TYNDALL BLOG: DAILY NOTES ON NETWORK TELEVISION NIGHTLY NEWS
AUTOMATIC SPENDING CUTS TURN OUT TO BE NO APOCALYPSE If it had not been for Pope Benedict, the weekending headlines would have been the climax of a day-by-day countdown to the dreaded sequester. But the Vatican has topped the agenda most of the week. The implementation of $85bn in automatic federal spending cuts was, indeed, the lead item on all three newscasts and Story of the Day -- but the expected build-up of pressure on politicians to arrive at an alternative compromise had not been exerted via news coverage. Only twice previously in the entire month of February (this Tuesday and the Tuesday before) had the looming sequester also qualified as Story of the Day.

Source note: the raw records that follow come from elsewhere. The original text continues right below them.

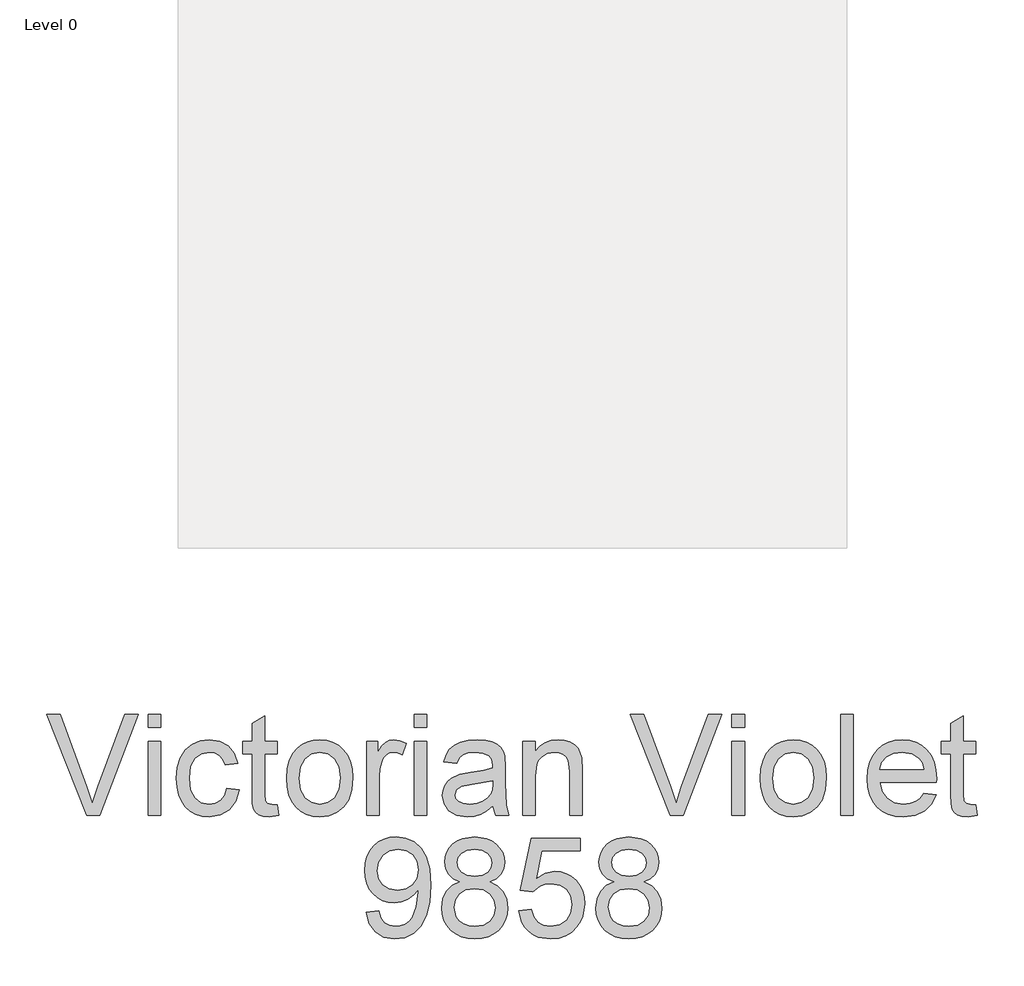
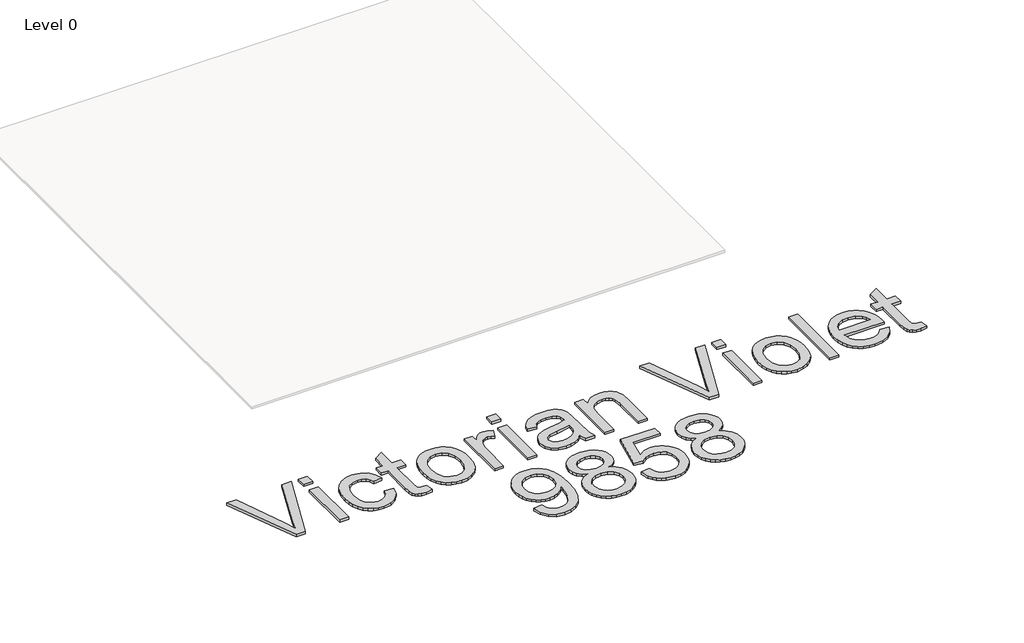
# One storey, part 4 of 8: 1 proxy.
"""IFC4 building model written with IfcOpenShell, lengths in millimetres."""

from ifc_helpers import new_model, si_unit, origin, origin_with_axes, place, context, project, spatial, polyline, outline, extrude, element, save

model = new_model("IFC4")

# Units and contexts
model_context = context("Model", 3, world=origin())
ifc_project = project(units=[si_unit("LENGTHUNIT", "METRE", prefix="MILLI")], contexts=[model_context])

# Site, building, storey
site = spatial("IfcSite", under=ifc_project)
building = spatial("IfcBuilding", under=site)
storey = spatial("IfcBuildingStorey", under=building, Name="Level 0", Elevation=0.0)

# Proxy
placement = place(None, origin())
element("IfcBuildingElementProxy", 1, Name="300mm Arial", ObjectType="300mm Arial", at=placement, inside=storey, context=model_context, shape_type="SweptSolid", body=[
    extrude(outline(polyline([(-724.8541348, -12002.860494), (-844.7836652, -11701.4915635), (-804.4637986, -11701.4915635), (-724.1919472, -11918.6155171), (-707.931563, -11967.5438224), (-691.891908, -11918.6155171), (-611.3993275, -11701.4915635), (-571.0794608, -11701.4915635), (-685.9322197, -12002.860494), (-724.8541348, -12002.860494)])), origin_with_axes(), (0.0, 0.0, 1.0), 10.0),
    extrude(outline(polyline([(-540.7659844, -12002.860494), (-540.7659844, -11781.5426857), (-503.0948681, -11781.5426857), (-503.0948681, -12002.860494), (-540.7659844, -12002.860494)])), origin_with_axes(), (0.0, 0.0, 1.0), 10.0),
    extrude(outline(polyline([(-540.7659844, -11739.1626798), (-540.7659844, -11701.4915635), (-503.0948681, -11701.4915635), (-503.0948681, -11739.1626798), (-540.7659844, -11739.1626798)])), origin_with_axes(), (0.0, 0.0, 1.0), 10.0),
    extrude(outline(polyline([(-305.3215075, -11922.8093718), (-267.6503912, -11927.5182614), (-278.1534222, -11961.0231141), (-297.8902912, -11986.3425924), (-325.0031942, -12002.2626857), (-357.6343272, -12007.5693835), (-378.7622501, -12005.7184772), (-397.7058735, -12000.1657584), (-414.4651977, -11990.9112269), (-429.0402225, -11977.9548829), (-440.8377382, -11961.5404481), (-449.2645352, -11941.9116444), (-454.3206133, -11919.0684718), (-456.0059727, -11893.0109302), (-453.1272961, -11859.4876834), (-444.4912663, -11830.4342028), (-429.9599275, -11806.9725286), (-409.3953239, -11790.2247008), (-384.7932155, -11780.1815223), (-358.149362, -11776.8337961), (-326.3183724, -11781.4323211), (-300.8701354, -11795.2278959), (-282.6139913, -11817.4847566), (-272.3592807, -11847.4671392), (-310.030397, -11852.1760288), (-316.8638051, -11835.7409006), (-327.5047918, -11823.9594797), (-341.364746, -11816.8685543), (-357.8550564, -11814.5049125), (-382.1996474, -11819.1586197), (-401.5226492, -11833.1197414), (-414.1318046, -11857.1424357), (-418.3348564, -11891.9808606), (-414.2237751, -11927.2883351), (-401.8905312, -11951.3938029), (-382.9170173, -11965.2721511), (-358.885126, -11969.8982672), (-339.3781832, -11967.0103936), (-323.3845135, -11958.3467726), (-311.7502454, -11943.6866751), (-305.3215075, -11922.8093718)])), origin_with_axes(), (0.0, 0.0, 1.0), 10.0),
    extrude(outline(polyline([(-154.6370423, -11971.4433716), (-149.9281527, -12003.96414), (-178.1079136, -12007.5693835), (-196.1893136, -12006.005885), (-209.6721888, -12001.3153896), (-219.2003324, -11994.0865084), (-225.4175381, -11984.9078526), (-228.8388407, -11969.1441091), (-229.9792749, -11942.1599648), (-229.9792749, -11819.213802), (-258.2326121, -11819.213802), (-258.2326121, -11781.5426857), (-229.9792749, -11781.5426857), (-229.9792749, -11727.758338), (-192.3081586, -11705.6118419), (-192.3081586, -11781.5426857), (-154.6370423, -11781.5426857), (-154.6370423, -11819.213802), (-192.3081586, -11819.213802), (-192.3081586, -11941.0563188), (-190.3215958, -11960.4804881), (-183.8836609, -11967.3598814), (-171.0445793, -11969.8982672), (-154.6370423, -11971.4433716)])), origin_with_axes(), (0.0, 0.0, 1.0), 10.0),
    extrude(outline(polyline([(-126.383705, -11892.2015898), (-124.3465585, -11863.5389839), (-118.2351189, -11838.8403064), (-108.0493861, -11818.1055575), (-93.7893603, -11801.334737), (-79.4327654, -11790.6155754), (-63.5862485, -11782.9590314), (-46.2498094, -11778.3651049), (-27.4234483, -11776.8337961), (-6.6404149, -11778.698498), (12.1514573, -11784.2926036), (28.9521682, -11793.6161129), (43.7617177, -11806.669026), (55.8489405, -11823.0098843), (64.4826711, -11842.1972296), (69.6629094, -11864.2310619), (71.3896556, -11889.1113811), (68.336235, -11927.1687735), (59.1759733, -11956.1394806), (44.175585, -11977.8353213), (23.6017844, -11994.0681143), (-0.8347771, -12004.1940662), (-27.4234483, -12007.5693835), (-48.5099845, -12005.7115794), (-67.4766006, -12000.1381672), (-84.3232967, -11990.8491468), (-99.0500728, -11977.8445183), (-111.0085369, -11961.3450108), (-119.550297, -11941.5713536), (-124.675353, -11918.5235466), (-126.383705, -11892.2015898)]), holes=[polyline([(-88.7125887, -11892.1280134), (-84.3531871, -11926.2214773), (-71.2749822, -11950.5108861), (-51.5932954, -11965.0514219), (-27.4234483, -11969.8982672), (-3.3639659, -11965.0238308), (16.2809327, -11950.4005215), (29.3591376, -11925.789216), (33.7185393, -11890.950791), (29.3315465, -11857.8506085), (16.1705681, -11833.8922936), (-3.5019216, -11819.3517577), (-27.4234483, -11814.5049125), (-51.5932954, -11819.3333636), (-71.2749822, -11833.8187172), (-84.3531871, -11858.0529436), (-88.7125887, -11892.1280134)])]), origin_with_axes(), (0.0, 0.0, 1.0), 10.0),
    extrude(outline(polyline([(113.7696614, -12002.860494), (113.7696614, -11781.5426857), (146.7318882, -11781.5426857), (146.7318882, -11814.2841833), (158.9087822, -11795.3014723), (170.1291831, -11784.1178596), (181.3863721, -11778.654812), (193.6736308, -11776.8337961), (212.4356125, -11779.7400639), (231.4918999, -11788.4588672), (218.9103356, -11822.2304343), (205.6665838, -11816.4362929), (192.422832, -11814.5049125), (181.17484, -11816.3627165), (171.1224645, -11821.9361288), (163.0014694, -11830.8020848), (157.5476188, -11842.5375205), (152.967488, -11863.5803706), (151.4407777, -11886.5362071), (151.4407777, -12002.860494), (113.7696614, -12002.860494)])), origin_with_axes(), (0.0, 0.0, 1.0), 10.0),
    extrude(outline(polyline([(255.0363476, -11739.1626798), (255.0363476, -11701.4915635), (292.7074639, -11701.4915635), (292.7074639, -11739.1626798), (255.0363476, -11739.1626798)])), origin_with_axes(), (0.0, 0.0, 1.0), 10.0),
    extrude(outline(polyline([(255.0363476, -12002.860494), (255.0363476, -11781.5426857), (292.7074639, -11781.5426857), (292.7074639, -12002.860494), (255.0363476, -12002.860494)])), origin_with_axes(), (0.0, 0.0, 1.0), 10.0),
    extrude(outline(polyline([(490.4808245, -11974.6071568), (472.4821979, -11990.0398064), (453.9501423, -12000.1381672), (434.4615936, -12005.7115794), (413.5934875, -12007.5693835), (382.1119857, -12003.0996173), (358.8894348, -11989.6903186), (344.5696281, -11969.3280501), (339.7963592, -11943.9993748), (341.598981, -11928.3827841), (347.0068463, -11914.2009331), (355.3485706, -11902.0608273), (365.9527691, -11892.5694718), (392.3299082, -11880.2086368), (424.9242529, -11874.5432541), (463.4414978, -11868.5835657), (490.2600953, -11861.5938078), (490.4808245, -11853.2060983), (487.8872564, -11836.3938912), (480.1065522, -11825.3942195), (462.7057338, -11817.2272392), (438.4623103, -11814.5049125), (416.0215086, -11816.3167313), (400.3497356, -11821.7521878), (389.6627637, -11831.8045633), (382.1763651, -11847.4671392), (344.5052488, -11842.7582497), (351.0443512, -11822.156858), (360.8024212, -11805.9700502), (374.6899665, -11793.590821), (393.6174951, -11784.4121652), (416.7664697, -11778.7283884), (443.3183527, -11776.8337961), (468.7849838, -11778.5076592), (488.9725083, -11783.5292485), (504.1936258, -11791.0800264), (514.7610361, -11800.3414556), (521.7691882, -11811.7917827), (526.3125308, -11825.9092543), (528.1519408, -11858.8714811), (528.1519408, -11905.7396473), (530.0649271, -11971.1858542), (537.5697198, -12002.860494), (499.8986035, -12002.860494), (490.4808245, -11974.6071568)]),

As it was, all three newscasts led from the White House where Barack Obama struck a surprisingly reassuring tone about that automatic ax: its effect would be neither apocalyptic nor sudden. ABC relied on Jonathan Karl alone for its coverage. NBC had David Gregory, anchor of Meet the Press, follow Chuck Todd's lead report: Gregory introduced reassuring soundbites from his Sunday interview with Speaker John Boehner that there would be no total shutdown of the federal government at the end of the month. CBS, as it has all month long, covered the budget fight in most detail: Major Garrett from the White House; Nancy Cordes from the corridors of the Capitol; and anchor Scott Pelley, who edited together previous soundbites from both President and Speaker.


FRIDAY’S FINDINGS Now we are in the second decade of C21st, the Supreme Court has decided to join, on time-delay at least, the first half of C20th. Radio! NBC's Pete Williams played the audiotape from Wednesday's Voting Rights Act hearing, the one in which Justice Antonin Scalia speculated that the renewal of that legislation amounted to a "perpetuation of racial entitlement." Neither CBS nor ABC played the audio. ABC has not mentioned the case all week.

Both ABC and NBC had fun with foreign bętes noires. In Boston, NBC's Ron Mott had Joe, the Kennedy scion, justify his praise for Hugo Chavez for his subsidized CITGO exports of home heating oil for poor families in the northeast. At the State Department, ABC's Martha Raddatz hinted that pin-stripers might take Dennis Rodman's debriefing telephone call on what it feels like to get stinking drunk with Kim Jong Un. Raddatz could not resist the delivery style of North Korean news anchors, accompanied by blaring trumpets.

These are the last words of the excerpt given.